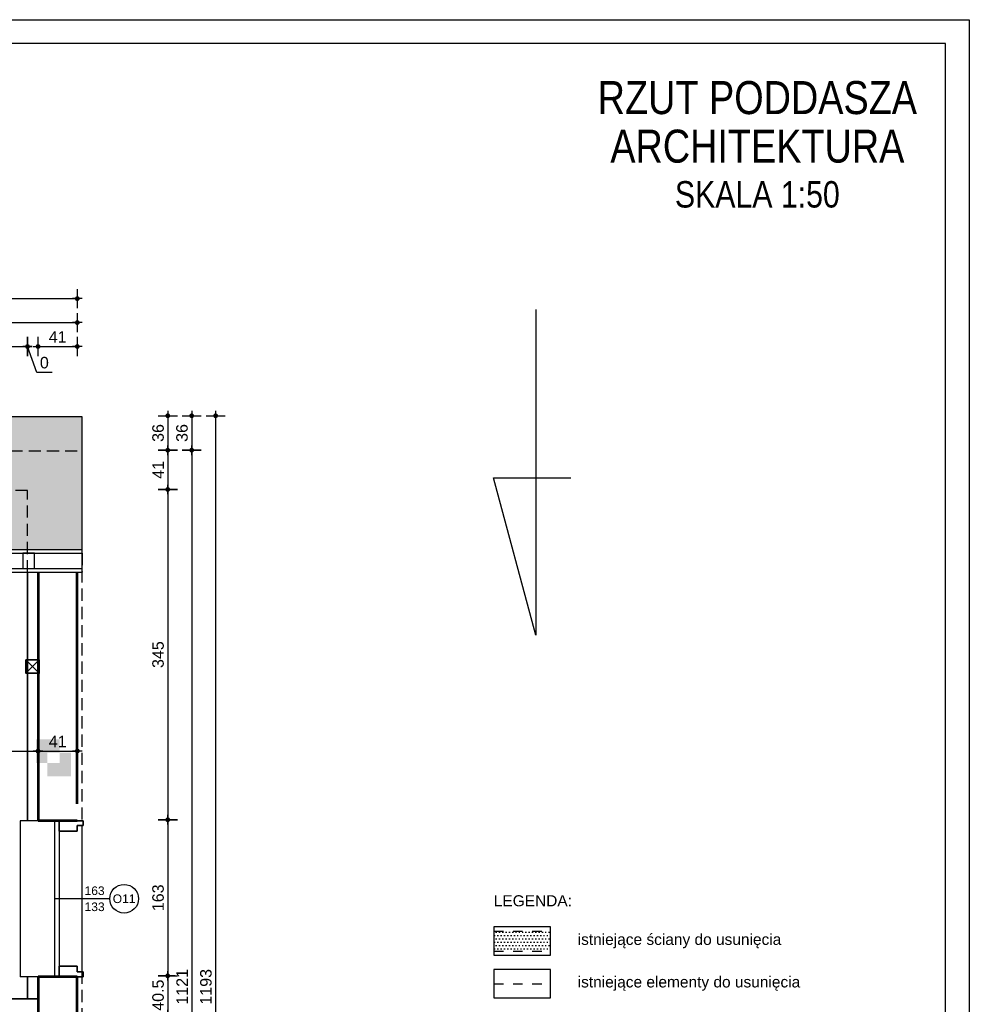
# Model space of a CAD drawing. Header units: millimetres. Extents: x 11979 to 37895, y 18730 to 47884.
# Tile 144 of 256: x 35719 to 36711, y 39707 to 40735. Entities that reach past the tile are written whole.
import ezdxf
from ezdxf.enums import TextEntityAlignment as Align

# ---------------------------------------------------------------- set-up
doc = ezdxf.new("R2010")
doc.units = ezdxf.units.MM
doc.linetypes.add('4002', pattern=[2, 1, -1])
doc.linetypes.add('DASHED', pattern=[19.05, 12.7, -6.35])
for name, color, linetype in [('-LEGENDA', 7, 'Continuous'), ('-LI-WIDOK', 2, 'Continuous'), ('-RAMKA', 2, 'Continuous'), ('-WYMIAR', 8, 'Continuous'), ('0-RAMKA-1', 2, 'Continuous'), ('_drzwi łuk', 1, 'Continuous'), ('_PROJEKTOWANE', 5, 'Continuous'), ('drzwi łuk', 1, 'Continuous'), ('PROJEKTOWANE', 5, 'Continuous')]:
    doc.layers.add(name, color=color, linetype=linetype)
doc.layers.add('-ŚCIANY DZIAŁOWE', color=3, linetype='Continuous', lineweight=35)
doc.layers.add('-ŚCIANY NOŚNE', color=4, linetype='Continuous', lineweight=53)
doc.layers.add('DO USU', color=7, linetype='Continuous', true_color=0x969696)
doc.layers.add('ISTN. BUD', color=253, linetype='Continuous', true_color=0x828282)
doc.styles.add('ARIAL', font='arial.ttf', dxfattribs={"height": 0.5})
doc.styles.add('Arial Narrow', font='ARIALN.TTF')
doc.styles.get("Standard").update_dxf_attribs({"font": 'arial.ttf'})
doc.dimstyles.new('CZA-KROPKA-50', dxfattribs={"dimtxt": 12, "dimasz": 1, "dimexe": 2, "dimexo": 25, "dimgap": 4, "dimtad": 1, "dimdec": 1, "dimrnd": 0.5, "dimzin": 9, "dimdsep": 46, "dimtxsty": 'Standard', "dimblk": 'CZA-KROPKA', "dimblk1": 'CZA-KROPKA', "dimblk2": 'CZA-KROPKA', "dimsah": 1, "dimcen": -20, "dimse1": 1, "dimse2": 1, "dimclrd": 8, "dimclre": 8, "dimclrt": 9, "dimadec": 0, "dimazin": 0, "dimtfac": 1, "dimtdec": 1, "dimtmove": 1, "dimatfit": 3, "dimldrblk": 'CZA-KROPKA', "dimfxl": 1, "dimtolj": 1, "dimtzin": 9, "dimarcsym": 0})

# ---------------------------------------------------------------- blocks, each defined once
blk = doc.blocks.new('CZA-KROPKA')
at = {"layer": '-WYMIAR', "linetype": 'ByBlock'}
for p, q in [((5, 0), (-5, 0)), ((0, 10), (0, -10))]:
    blk.add_line(p, q, dxfattribs=at)
at = {"layer": '-WYMIAR', "linetype": 'ByBlock', "const_width": 2.5}
blk.add_lwpolyline([(-1.25, 0, 1), (1.25, 0, 1)], format="xyb", close=True, dxfattribs=at)
blk = doc.blocks.new('*D2905')
at = {"layer": '-WYMIAR', "color": 8, "lineweight": -2}
blk.add_line((35873.8, 40320.4), (35873.8, 40286.4), dxfattribs=at)
at = {"layer": 'Defpoints', "color": 0}
for p in [(35828.4, 40321.4), (35823.4, 40285.4), (35873.8, 40285.4)]:
    blk.add_point(p, dxfattribs=at)
at = {"layer": '-WYMIAR', "color": 8, "lineweight": -2}
for p, rotation in [((35873.8, 40321.4), 90), ((35873.8, 40285.4), 270)]:
    blk.add_blockref('CZA-KROPKA', p, dxfattribs=dict(at, rotation=rotation))
at = {"layer": '-WYMIAR', "color": 9, "insert": (35863.7, 40303.4), "char_height": 12, "attachment_point": 5, "rotation": 90, "bg_fill": 3, "box_fill_scale": 1.1, "bg_fill_color": 257, "bg_fill_transparency": 0}
blk.add_mtext('\\A1;36', dxfattribs=at)
blk = doc.blocks.new('*D2906')
at = {"layer": '-WYMIAR', "color": 8, "lineweight": -2}
blk.add_line((35873.8, 40284.4), (35873.8, 40245.4), dxfattribs=at)
at = {"layer": 'Defpoints', "color": 0}
for p in [(35823.4, 40285.4), (35782.4, 40244.4), (35873.8, 40244.4)]:
    blk.add_point(p, dxfattribs=at)
at = {"layer": '-WYMIAR', "color": 8, "lineweight": -2}
for p, rotation in [((35873.8, 40285.4), 90), ((35873.8, 40244.4), 270)]:
    blk.add_blockref('CZA-KROPKA', p, dxfattribs=dict(at, rotation=rotation))
at = {"layer": '-WYMIAR', "color": 9, "insert": (35863.8, 40264.9), "char_height": 12, "attachment_point": 5, "rotation": 90, "bg_fill": 3, "box_fill_scale": 1.1, "bg_fill_color": 257, "bg_fill_transparency": 0}
blk.add_mtext('\\A1;41', dxfattribs=at)
blk = doc.blocks.new('*D2907')
at = {"layer": '-WYMIAR', "color": 8, "lineweight": -2}
blk.add_line((35873.8, 40243.4), (35873.8, 39900.4), dxfattribs=at)
at = {"layer": 'Defpoints', "color": 0}
for p in [(35782.4, 40244.4), (35782.4, 39899.4), (35873.8, 39899.4)]:
    blk.add_point(p, dxfattribs=at)
at = {"layer": '-WYMIAR', "color": 8, "lineweight": -2}
for p, rotation in [((35873.8, 40244.4), 90), ((35873.8, 39899.4), 270)]:
    blk.add_blockref('CZA-KROPKA', p, dxfattribs=dict(at, rotation=rotation))
at = {"layer": '-WYMIAR', "color": 9, "insert": (35863.7, 40071.9), "char_height": 12, "attachment_point": 5, "rotation": 90, "bg_fill": 3, "box_fill_scale": 1.1, "bg_fill_color": 257, "bg_fill_transparency": 0}
blk.add_mtext('\\A1;345', dxfattribs=at)
blk = doc.blocks.new('*D2908')
at = {"layer": '-WYMIAR', "color": 8, "lineweight": -2}
blk.add_line((35873.8, 39898.4), (35873.8, 39737.4), dxfattribs=at)
at = {"layer": 'Defpoints', "color": 0}
for p in [(35782.4, 39899.4), (35785.4, 39736.4), (35873.8, 39736.4)]:
    blk.add_point(p, dxfattribs=at)
at = {"layer": '-WYMIAR', "color": 8, "lineweight": -2}
for p, rotation in [((35873.8, 39899.4), 90), ((35873.8, 39736.4), 270)]:
    blk.add_blockref('CZA-KROPKA', p, dxfattribs=dict(at, rotation=rotation))
at = {"layer": '-WYMIAR', "color": 9, "insert": (35863.7, 39817.9), "char_height": 12, "attachment_point": 5, "rotation": 90, "bg_fill": 3, "box_fill_scale": 1.1, "bg_fill_color": 257, "bg_fill_transparency": 0}
blk.add_mtext('\\A1;163', dxfattribs=at)
blk = doc.blocks.new('*D2926')
at = {"layer": '-WYMIAR', "color": 8, "lineweight": -2}
blk.add_line((35923.8, 40320.4), (35923.8, 39129.4), dxfattribs=at)
at = {"layer": 'Defpoints', "color": 0}
for p in [(35828.4, 40321.4), (35828.4, 39128.4), (35923.8, 39128.4)]:
    blk.add_point(p, dxfattribs=at)
at = {"layer": '-WYMIAR', "color": 8, "lineweight": -2}
for p, rotation in [((35923.8, 40321.4), 90), ((35923.8, 39128.4), 270)]:
    blk.add_blockref('CZA-KROPKA', p, dxfattribs=dict(at, rotation=rotation))
at = {"layer": '-WYMIAR', "color": 9, "insert": (35913.7, 39724.9), "char_height": 12, "attachment_point": 5, "rotation": 90, "bg_fill": 3, "box_fill_scale": 1.1, "bg_fill_color": 257, "bg_fill_transparency": 0}
blk.add_mtext('\\A1;1193', dxfattribs=at)
blk = doc.blocks.new('*D2927')
at = {"layer": '-WYMIAR', "color": 8, "lineweight": -2}
blk.add_line((35898.8, 40320.4), (35898.8, 40286.4), dxfattribs=at)
at = {"layer": 'Defpoints', "color": 0}
for p in [(35828.4, 40321.4), (35823.4, 40285.4), (35898.8, 40285.4)]:
    blk.add_point(p, dxfattribs=at)
at = {"layer": '-WYMIAR', "color": 8, "lineweight": -2}
for p, rotation in [((35898.8, 40321.4), 90), ((35898.8, 40285.4), 270)]:
    blk.add_blockref('CZA-KROPKA', p, dxfattribs=dict(at, rotation=rotation))
at = {"layer": '-WYMIAR', "color": 9, "insert": (35888.7, 40303.4), "char_height": 12, "attachment_point": 5, "rotation": 90, "bg_fill": 3, "box_fill_scale": 1.1, "bg_fill_color": 257, "bg_fill_transparency": 0}
blk.add_mtext('\\A1;36', dxfattribs=at)
blk = doc.blocks.new('*D2928')
at = {"layer": '-WYMIAR', "color": 8, "lineweight": -2}
blk.add_line((35898.8, 40284.4), (35898.8, 39165.4), dxfattribs=at)
at = {"layer": 'Defpoints', "color": 0}
for p in [(35823.4, 40285.4), (35823.4, 39164.4), (35898.8, 39164.4)]:
    blk.add_point(p, dxfattribs=at)
at = {"layer": '-WYMIAR', "color": 8, "lineweight": -2}
for p, rotation in [((35898.8, 40285.4), 90), ((35898.8, 39164.4), 270)]:
    blk.add_blockref('CZA-KROPKA', p, dxfattribs=dict(at, rotation=rotation))
at = {"layer": '-WYMIAR', "color": 9, "insert": (35888.8, 39724.9), "char_height": 12, "attachment_point": 5, "rotation": 90, "bg_fill": 3, "box_fill_scale": 1.1, "bg_fill_color": 257, "bg_fill_transparency": 0}
blk.add_mtext('\\A1;1121', dxfattribs=at)
blk = doc.blocks.new('*D2487')
at = {"layer": '-WYMIAR', "color": 8, "lineweight": -2}
blk.add_line((35873.8, 39735.4), (35873.8, 39696.9), dxfattribs=at)
at = {"layer": 'Defpoints', "color": 0}
for p in [(35823.4, 39736.4), (35823.4, 39695.9)]:
    blk.add_point(p, dxfattribs=at)
at = {"layer": '-WYMIAR', "color": 8, "lineweight": -2}
for p, rotation in [((35873.8, 39736.4), 90), ((35873.8, 39695.9), 270)]:
    blk.add_blockref('CZA-KROPKA', p, dxfattribs=dict(at, rotation=rotation))
at = {"layer": '-WYMIAR', "color": 9, "insert": (35863.7, 39716.2), "char_height": 12, "attachment_point": 5, "rotation": 90, "bg_fill": 3, "box_fill_scale": 1.1, "bg_fill_color": 257, "bg_fill_transparency": 0}
blk.add_mtext('\\A1;40.5', dxfattribs=at)
at = {"layer": 'Defpoints', "color": 0}
blk.add_point((35873.8, 39695.9), dxfattribs=at)
blk = doc.blocks.new('*D2499')
at = {"layer": '-WYMIAR', "color": 8, "lineweight": -2}
blk.add_line((35396.3, 40393.7), (35726.3, 40393.7), dxfattribs=at)
at = {"layer": 'Defpoints', "color": 0}
for p in [(35727.3, 40393.7), (35395.3, 40243.4), (35727.3, 40243.4)]:
    blk.add_point(p, dxfattribs=at)
at = {"layer": '-WYMIAR', "color": 8, "lineweight": -2, "rotation": 180}
blk.add_blockref('CZA-KROPKA', (35395.3, 40393.7), dxfattribs=at)
at = {"layer": '-WYMIAR', "color": 8, "lineweight": -2}
blk.add_blockref('CZA-KROPKA', (35727.3, 40393.7), dxfattribs=at)
at = {"layer": '-WYMIAR', "color": 9, "insert": (35561.3, 40403.8), "char_height": 12, "attachment_point": 5, "bg_fill": 3, "box_fill_scale": 1.1, "bg_fill_color": 257, "bg_fill_transparency": 0}
blk.add_mtext('\\A1;332', dxfattribs=at)
blk = doc.blocks.new('*D2500')
at = {"layer": '-WYMIAR', "color": 8, "lineweight": -2}
for p, q in [((35726.3, 40393.7), (35725.3, 40393.7)), ((35737, 40366.6), (35727.3, 40393.7)), ((35727.3, 40393.7), (35727.3, 40393.7)), ((35728.3, 40393.7), (35729.3, 40393.7)), ((35752.9, 40366.6), (35737, 40366.6))]:
    blk.add_line(p, q, dxfattribs=at)
at = {"layer": 'Defpoints', "color": 0}
for p in [(35727.3, 40393.7), (35727.3, 40243.4), (35727.3, 40243.4)]:
    blk.add_point(p, dxfattribs=at)
at = {"layer": '-WYMIAR', "color": 8, "lineweight": -2}
blk.add_blockref('CZA-KROPKA', (35727.3, 40393.7), dxfattribs=at)
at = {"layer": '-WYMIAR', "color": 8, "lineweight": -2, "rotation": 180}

● ● ● ●

#### EXERCISE:
Scan the records above and count the lines that contain "import". No text besides the count.

#### TASK SOLUTION:
2